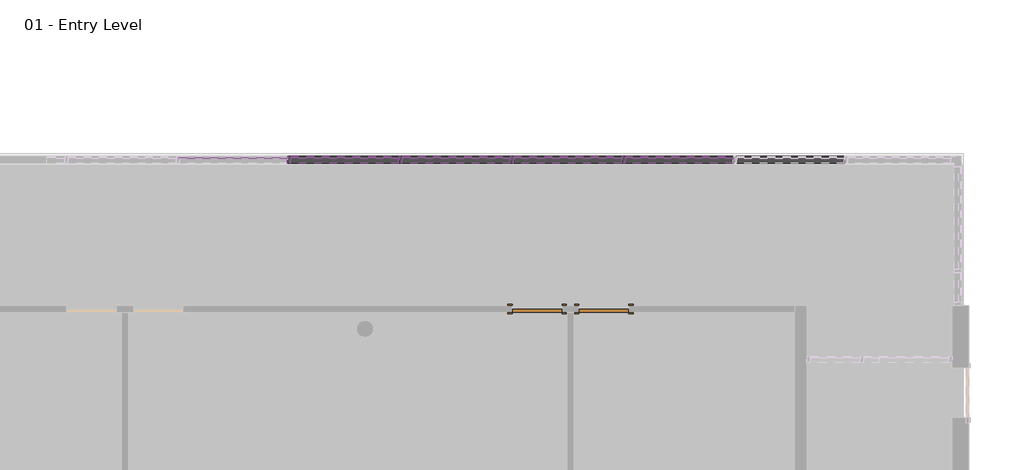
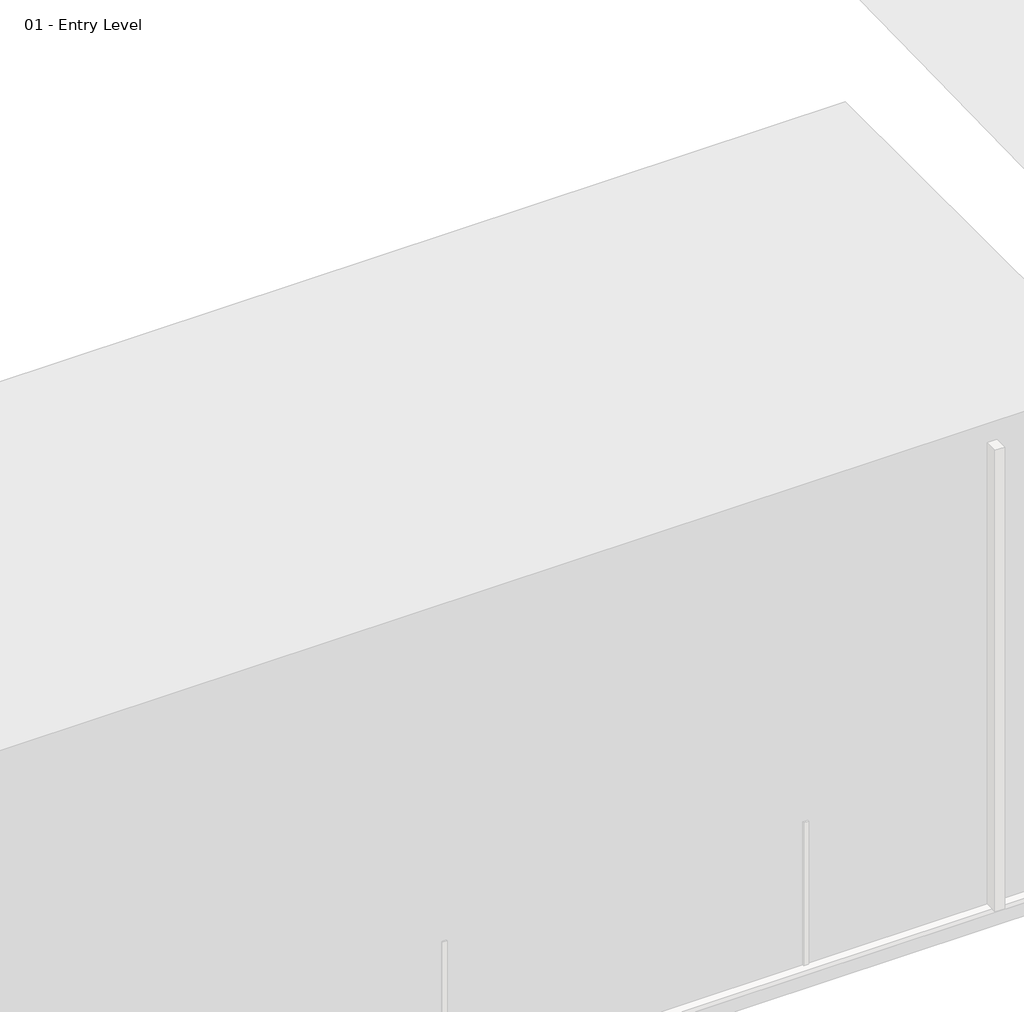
# One storey, part 21 of 35: 85 members, 45 plates, 2 doors.
"""IFC4 building model written with IfcOpenShell, lengths in millimetres."""

from ifc_helpers import new_model, si_unit, origin, place, context, project, spatial, transform, mapped, element, save
from components import door_305aa2a5, door_e5f9f3c4, member_2b49869a, member_391b434c, member_9e90ae50, system_panel_glazed_1b9d6098, system_panel_glazed_70da479d

model = new_model("IFC4")

# Units and contexts
model_context = context("Model", 3, world=origin())
ifc_project = project(units=[si_unit("LENGTHUNIT", "METRE", prefix="MILLI")], contexts=[model_context])

# Site, building, storey
site = spatial("IfcSite", under=ifc_project)
building = spatial("IfcBuilding", under=site)
storey = spatial("IfcBuildingStorey", under=building, Name="01 - Entry Level", Elevation=0.0)

# Doors
placement = place(None, origin())
door_shape = door_305aa2a5(model_context)
element("IfcDoor", 1, ObjectType="Single-Flush : 36\" x 84\"", at=placement, inside=storey, context=model_context, shape_type="MappedRepresentation", body=[
    mapped(door_shape, transform((58433.6207476, 8277.15, 0.0), x_axis=(1.0, 0.0, 0.0), y_axis=(0.0, 1.0, 0.0), z_axis=(0.0, 0.0, 1.0))),
])
door_2_shape = door_e5f9f3c4(model_context)
element("IfcDoor", 2, ObjectType="Single-Flush : 36\" x 84\"", at=placement, inside=storey, context=model_context, shape_type="MappedRepresentation", body=[
    mapped(door_2_shape, transform((59652.8207476, 8277.15, 0.0), x_axis=(-1.0, 0.0, 0.0), y_axis=(0.0, -1.0, 0.0), z_axis=(0.0, 0.0, 1.0))),
])

# Members
member_shape = member_2b49869a(model_context)
element("IfcMember", 3, ObjectType="Rectangular Mullion : 2.5\" x 5\" rectangular", at=placement, inside=storey, context=model_context, shape_type="MappedRepresentation", body=[
    mapped(member_shape, transform((60008.4207476, 11001.3, 9753.6), x_axis=(-1.0, 0.0, 0.0), y_axis=(0.0, 1.0, 0.0), z_axis=(0.0, 0.0, -1.0))),
])
element("IfcMember", 4, ObjectType="Rectangular Mullion : 2.5\" x 5\" rectangular", at=placement, inside=storey, context=model_context, shape_type="MappedRepresentation", body=[
    mapped(member_shape, transform((57976.4207476, 11001.3, 9753.6), x_axis=(-1.0, 0.0, 0.0), y_axis=(0.0, 1.0, 0.0), z_axis=(0.0, 0.0, -1.0))),
])
element("IfcMember", 5, ObjectType="Rectangular Mullion : 2.5\" x 5\" rectangular", at=placement, inside=storey, context=model_context, shape_type="MappedRepresentation", body=[
    mapped(member_shape, transform((55944.4207476, 11001.3, 9753.6), x_axis=(-1.0, 0.0, 0.0), y_axis=(0.0, 1.0, 0.0), z_axis=(0.0, 0.0, -1.0))),
])
element("IfcMember", 6, ObjectType="Rectangular Mullion : 2.5\" x 5\" rectangular", at=placement, inside=storey, context=model_context, shape_type="MappedRepresentation", body=[
    mapped(member_shape, transform((53912.4207476, 11001.3, 9753.6), x_axis=(-1.0, 0.0, 0.0), y_axis=(0.0, 1.0, 0.0), z_axis=(0.0, 0.0, -1.0))),
])
member_2_shape = member_391b434c(model_context)
element("IfcMember", 7, ObjectType="Rectangular Mullion : 2.5\" x 5\" rectangular", at=placement, inside=storey, context=model_context, shape_type="MappedRepresentation", body=[
    mapped(member_2_shape, transform((62072.1707476, 11001.3, 10972.8), x_axis=(0.0, 0.0, 1.0), y_axis=(0.0, 1.0, 0.0), z_axis=(-1.0, 0.0, 0.0))),
])
element("IfcMember", 8, ObjectType="Rectangular Mullion : 2.5\" x 5\" rectangular", at=placement, inside=storey, context=model_context, shape_type="MappedRepresentation", body=[
    mapped(member_2_shape, transform((60040.1707476, 11001.3, 10972.8), x_axis=(0.0, 0.0, 1.0), y_axis=(0.0, 1.0, 0.0), z_axis=(-1.0, 0.0, 0.0))),
])
element("IfcMember", 9, ObjectType="Rectangular Mullion : 2.5\" x 5\" rectangular", at=placement, inside=storey, context=model_context, shape_type="MappedRepresentation", body=[
    mapped(member_2_shape, transform((58008.1707476, 11001.3, 10972.8), x_axis=(0.0, 0.0, 1.0), y_axis=(0.0, 1.0, 0.0), z_axis=(-1.0, 0.0, 0.0))),
])
element("IfcMember", 10, ObjectType="Rectangular Mullion : 2.5\" x 5\" rectangular", at=placement, inside=storey, context=model_context, shape_type="MappedRepresentation", body=[
    mapped(member_2_shape, transform((55976.1707476, 11001.3, 10972.8), x_axis=(0.0, 0.0, 1.0), y_axis=(0.0, 1.0, 0.0), z_axis=(-1.0, 0.0, 0.0))),
])
element("IfcMember", 11, ObjectType="Rectangular Mullion : 2.5\" x 5\" rectangular", at=placement, inside=storey, context=model_context, shape_type="MappedRepresentation", body=[
    mapped(member_2_shape, transform((53944.1707476, 11001.3, 10972.8), x_axis=(0.0, 0.0, 1.0), y_axis=(0.0, 1.0, 0.0), z_axis=(-1.0, 0.0, 0.0))),
])
element("IfcMember", 12, ObjectType="Rectangular Mullion : 2.5\" x 5\" rectangular", at=placement, inside=storey, context=model_context, shape_type="MappedRepresentation", body=[
    mapped(member_2_shape, transform((62008.6707476, 11001.3, 0.0), x_axis=(0.0, 0.0, -1.0), y_axis=(0.0, 1.0, 0.0), z_axis=(1.0, 0.0, 0.0))),
])
element("IfcMember", 13, ObjectType="Rectangular Mullion : 2.5\" x 5\" rectangular", at=placement, inside=storey, context=model_context, shape_type="MappedRepresentation", body=[
    mapped(member_2_shape, transform((59976.6707476, 11001.3, 0.0), x_axis=(0.0, 0.0, -1.0), y_axis=(0.0, 1.0, 0.0), z_axis=(1.0, 0.0, 0.0))),
])
element("IfcMember", 14, ObjectType="Rectangular Mullion : 2.5\" x 5\" rectangular", at=placement, inside=storey, context=model_context, shape_type="MappedRepresentation", body=[
    mapped(member_2_shape, transform((57944.6707476, 11001.3, 0.0), x_axis=(0.0, 0.0, -1.0), y_axis=(0.0, 1.0, 0.0), z_axis=(1.0, 0.0, 0.0))),
])
element("IfcMember", 15, ObjectType="Rectangular Mullion : 2.5\" x 5\" rectangular", at=placement, inside=storey, context=model_context, shape_type="MappedRepresentation", body=[
    mapped(member_2_shape, transform((55912.6707476, 11001.3, 0.0), x_axis=(0.0, 0.0, -1.0), y_axis=(0.0, 1.0, 0.0), z_axis=(1.0, 0.0, 0.0))),
])
element("IfcMember", 16, ObjectType="Rectangular Mullion : 2.5\" x 5\" rectangular", at=placement, inside=storey, context=model_context, shape_type="MappedRepresentation", body=[
    mapped(member_2_shape, transform((53880.6707476, 11001.3, 0.0), x_axis=(0.0, 0.0, -1.0), y_axis=(0.0, 1.0, 0.0), z_axis=(1.0, 0.0, 0.0))),
])
member_3_shape = member_9e90ae50(model_context)
element("IfcMember", 17, ObjectType="Rectangular Mullion : 2.5\" x 5\" rectangular", at=placement, inside=storey, context=model_context, shape_type="MappedRepresentation", body=[
    mapped(member_3_shape, transform((62072.1707476, 11001.3, 1219.2), x_axis=(0.0, 0.0, 1.0), y_axis=(0.0, 1.0, 0.0), z_axis=(-1.0, 0.0, 0.0))),
])
element("IfcMember", 18, ObjectType="Rectangular Mullion : 2.5\" x 5\" rectangular", at=placement, inside=storey, context=model_context, shape_type="MappedRepresentation", body=[
    mapped(member_3_shape, transform((60040.1707476, 11001.3, 1219.2), x_axis=(0.0, 0.0, 1.0), y_axis=(0.0, 1.0, 0.0), z_axis=(-1.0, 0.0, 0.0))),
])
element("IfcMember", 19, ObjectType="Rectangular Mullion : 2.5\" x 5\" rectangular", at=placement, inside=storey, context=model_context, shape_type="MappedRepresentation", body=[
    mapped(member_3_shape, transform((58008.1707476, 11001.3, 1219.2), x_axis=(0.0, 0.0, 1.0), y_axis=(0.0, 1.0, 0.0), z_axis=(-1.0, 0.0, 0.0))),
])
element("IfcMember", 20, ObjectType="Rectangular Mullion : 2.5\" x 5\" rectangular", at=placement, inside=storey, context=model_context, shape_type="MappedRepresentation", body=[
    mapped(member_3_shape, transform((55976.1707476, 11001.3, 1219.2), x_axis=(0.0, 0.0, 1.0), y_axis=(0.0, 1.0, 0.0), z_axis=(-1.0, 0.0, 0.0))),
])
element("IfcMember", 21, ObjectType="Rectangular Mullion : 2.5\" x 5\" rectangular", at=placement, inside=storey, context=model_context, shape_type="MappedRepresentation", body=[
    mapped(member_3_shape, transform((53944.1707476, 11001.3, 1219.2), x_axis=(0.0, 0.0, 1.0), y_axis=(0.0, 1.0, 0.0), z_axis=(-1.0, 0.0, 0.0))),
])
element("IfcMember", 22, ObjectType="Rectangular Mullion : 2.5\" x 5\" rectangular", at=placement, inside=storey, context=model_context, shape_type="MappedRepresentation", body=[
    mapped(member_3_shape, transform((62072.1707476, 11001.3, 2438.4), x_axis=(0.0, 0.0, 1.0), y_axis=(0.0, 1.0, 0.0), z_axis=(-1.0, 0.0, 0.0))),
])
element("IfcMember", 23, ObjectType="Rectangular Mullion : 2.5\" x 5\" rectangular", at=placement, inside=storey, context=model_context, shape_type="MappedRepresentation", body=[
    mapped(member_3_shape, transform((60040.1707476, 11001.3, 2438.4), x_axis=(0.0, 0.0, 1.0), y_axis=(0.0, 1.0, 0.0), z_axis=(-1.0, 0.0, 0.0))),
])
element("IfcMember", 24, ObjectType="Rectangular Mullion : 2.5\" x 5\" rectangular", at=placement, inside=storey, context=model_context, shape_type="MappedRepresentation", body=[
    mapped(member_3_shape, transform((58008.1707476, 11001.3, 2438.4), x_axis=(0.0, 0.0, 1.0), y_axis=(0.0, 1.0, 0.0), z_axis=(-1.0, 0.0, 0.0))),
])
element("IfcMember", 25, ObjectType="Rectangular Mullion : 2.5\" x 5\" rectangular", at=placement, inside=storey, context=model_context, shape_type="MappedRepresentation", body=[
    mapped(member_3_shape, transform((55976.1707476, 11001.3, 2438.4), x_axis=(0.0, 0.0, 1.0), y_axis=(0.0, 1.0, 0.0), z_axis=(-1.0, 0.0, 0.0))),
])
element("IfcMember", 26, ObjectType="Rectangular Mullion : 2.5\" x 5\" rectangular", at=placement, inside=storey, context=model_context, shape_type="MappedRepresentation", body=[
    mapped(member_3_shape, transform((53944.1707476, 11001.3, 2438.4), x_axis=(0.0, 0.0, 1.0), y_axis=(0.0, 1.0, 0.0), z_axis=(-1.0, 0.0, 0.0))),
])
element("IfcMember", 27, ObjectType="Rectangular Mullion : 2.5\" x 5\" rectangular", at=placement, inside=storey, context=model_context, shape_type="MappedRepresentation", body=[
    mapped(member_3_shape, transform((62072.1707476, 11001.3, 3657.6), x_axis=(0.0, 0.0, 1.0), y_axis=(0.0, 1.0, 0.0), z_axis=(-1.0, 0.0, 0.0))),
])
element("IfcMember", 28, ObjectType="Rectangular Mullion : 2.5\" x 5\" rectangular", at=placement, inside=storey, context=model_context, shape_type="MappedRepresentation", body=[
    mapped(member_3_shape, transform((60040.1707476, 11001.3, 3657.6), x_axis=(0.0, 0.0, 1.0), y_axis=(0.0, 1.0, 0.0), z_axis=(-1.0, 0.0, 0.0))),
])
element("IfcMember", 29, ObjectType="Rectangular Mullion : 2.5\" x 5\" rectangular", at=placement, inside=storey, context=model_context, shape_type="MappedRepresentation", body=[
    mapped(member_3_shape, transform((58008.1707476, 11001.3, 3657.6), x_axis=(0.0, 0.0, 1.0), y_axis=(0.0, 1.0, 0.0), z_axis=(-1.0, 0.0, 0.0))),
])
element("IfcMember", 30, ObjectType="Rectangular Mullion : 2.5\" x 5\" rectangular", at=placement, inside=storey, context=model_context, shape_type="MappedRepresentation", body=[
    mapped(member_3_shape, transform((55976.1707476, 11001.3, 3657.6), x_axis=(0.0, 0.0, 1.0), y_axis=(0.0, 1.0, 0.0), z_axis=(-1.0, 0.0, 0.0))),
])
element("IfcMember", 31, ObjectType="Rectangular Mullion : 2.5\" x 5\" rectangular", at=placement, inside=storey, context=model_context, shape_type="MappedRepresentation", body=[
    mapped(member_3_shape, transform((53944.1707476, 11001.3, 3657.6), x_axis=(0.0, 0.0, 1.0), y_axis=(0.0, 1.0, 0.0), z_axis=(-1.0, 0.0, 0.0))),
])
element("IfcMember", 32, ObjectType="Rectangular Mullion : 2.5\" x 5\" rectangular", at=placement, inside=storey, context=model_context, shape_type="MappedRepresentation", body=[
    mapped(member_3_shape, transform((62072.1707476, 11001.3, 4876.8), x_axis=(0.0, 0.0, 1.0), y_axis=(0.0, 1.0, 0.0), z_axis=(-1.0, 0.0, 0.0))),
])
element("IfcMember", 33, ObjectType="Rectangular Mullion : 2.5\" x 5\" rectangular", at=placement, inside=storey, context=model_context, shape_type="MappedRepresentation", body=[
    mapped(member_3_shape, transform((60040.1707476, 11001.3, 4876.8), x_axis=(0.0, 0.0, 1.0), y_axis=(0.0, 1.0, 0.0), z_axis=(-1.0, 0.0, 0.0))),
])
element("IfcMember", 34, ObjectType="Rectangular Mullion : 2.5\" x 5\" rectangular", at=placement, inside=storey, context=model_context, shape_type="MappedRepresentation", body=[
    mapped(member_3_shape, transform((58008.1707476, 11001.3, 4876.8), x_axis=(0.0, 0.0, 1.0), y_axis=(0.0, 1.0, 0.0), z_axis=(-1.0, 0.0, 0.0))),
])
element("IfcMember", 35, ObjectType="Rectangular Mullion : 2.5\" x 5\" rectangular", at=placement, inside=storey, context=model_context, shape_type="MappedRepresentation", body=[
    mapped(member_3_shape, transform((55976.1707476, 11001.3, 4876.8), x_axis=(0.0, 0.0, 1.0), y_axis=(0.0, 1.0, 0.0), z_axis=(-1.0, 0.0, 0.0))),
])
element("IfcMember", 36, ObjectType="Rectangular Mullion : 2.5\" x 5\" rectangular", at=placement, inside=storey, context=model_context, shape_type="MappedRepresentation", body=[
    mapped(member_3_shape, transform((53944.1707476, 11001.3, 4876.8), x_axis=(0.0, 0.0, 1.0), y_axis=(0.0, 1.0, 0.0), z_axis=(-1.0, 0.0, 0.0))),
])
element("IfcMember", 37, ObjectType="Rectangular Mullion : 2.5\" x 5\" rectangular", at=placement, inside=storey, context=model_context, shape_type="MappedRepresentation", body=[
    mapped(member_3_shape, transform((62072.1707476, 11001.3, 6096.0), x_axis=(0.0, 0.0, 1.0), y_axis=(0.0, 1.0, 0.0), z_axis=(-1.0, 0.0, 0.0))),
])
element("IfcMember", 38, ObjectType="Rectangular Mullion : 2.5\" x 5\" rectangular", at=placement, inside=storey, context=model_context, shape_type="MappedRepresentation", body=[
    mapped(member_3_shape, transform((60040.1707476, 11001.3, 6096.0), x_axis=(0.0, 0.0, 1.0), y_axis=(0.0, 1.0, 0.0), z_axis=(-1.0, 0.0, 0.0))),
])
element("IfcMember", 39, ObjectType="Rectangular Mullion : 2.5\" x 5\" rectangular", at=placement, inside=storey, context=model_context, shape_type="MappedRepresentation", body=[
    mapped(member_3_shape, transform((58008.1707476, 11001.3, 6096.0), x_axis=(0.0, 0.0, 1.0), y_axis=(0.0, 1.0, 0.0), z_axis=(-1.0, 0.0, 0.0))),
])
element("IfcMember", 40, ObjectType="Rectangular Mullion : 2.5\" x 5\" rectangular", at=placement, inside=storey, context=model_context, shape_type="MappedRepresentation", body=[
    mapped(member_3_shape, transform((55976.1707476, 11001.3, 6096.0), x_axis=(0.0, 0.0, 1.0), y_axis=(0.0, 1.0, 0.0), z_axis=(-1.0, 0.0, 0.0))),
])
element("IfcMember", 41, ObjectType="Rectangular Mullion : 2.5\" x 5\" rectangular", at=placement, inside=storey, context=model_context, shape_type="MappedRepresentation", body=[
    mapped(member_3_shape, transform((53944.1707476, 11001.3, 6096.0), x_axis=(0.0, 0.0, 1.0), y_axis=(0.0, 1.0, 0.0), z_axis=(-1.0, 0.0, 0.0))),
])
element("IfcMember", 42, ObjectType="Rectangular Mullion : 2.5\" x 5\" rectangular", at=placement, inside=storey, context=model_context, shape_type="MappedRepresentation", body=[
    mapped(member_3_shape, transform((62072.1707476, 11001.3, 7315.2), x_axis=(0.0, 0.0, 1.0), y_axis=(0.0, 1.0, 0.0), z_axis=(-1.0, 0.0, 0.0))),
])
element("IfcMember", 43, ObjectType="Rectangular Mullion : 2.5\" x 5\" rectangular", at=placement, inside=storey, context=model_context, shape_type="MappedRepresentation", body=[
    mapped(member_3_shape, transform((60040.1707476, 11001.3, 7315.2), x_axis=(0.0, 0.0, 1.0), y_axis=(0.0, 1.0, 0.0), z_axis=(-1.0, 0.0, 0.0))),
])
element("IfcMember", 44, ObjectType="Rectangular Mullion : 2.5\" x 5\" rectangular", at=placement, inside=storey, context=model_context, shape_type="MappedRepresentation", body=[
    mapped(member_3_shape, transform((58008.1707476, 11001.3, 7315.2), x_axis=(0.0, 0.0, 1.0), y_axis=(0.0, 1.0, 0.0), z_axis=(-1.0, 0.0, 0.0))),
])
element("IfcMember", 45, ObjectType="Rectangular Mullion : 2.5\" x 5\" rectangular", at=placement, inside=storey, context=model_context, shape_type="MappedRepresentation", body=[
    mapped(member_3_shape, transform((55976.1707476, 11001.3, 7315.2), x_axis=(0.0, 0.0, 1.0), y_axis=(0.0, 1.0, 0.0), z_axis=(-1.0, 0.0, 0.0))),
])
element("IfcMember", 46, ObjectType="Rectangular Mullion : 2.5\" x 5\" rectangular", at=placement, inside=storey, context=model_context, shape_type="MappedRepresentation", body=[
━━━
What is needed is each line of the entries that contains the word "from".

from ifc_helpers import new_model, si_unit, origin, place, context, project, spatial, transform, mapped, element, save
from components import door_305aa2a5, door_e5f9f3c4, member_2b49869a, member_391b434c, member_9e90ae50, system_panel_glazed_1b9d6098, system_panel_glazed_70da479d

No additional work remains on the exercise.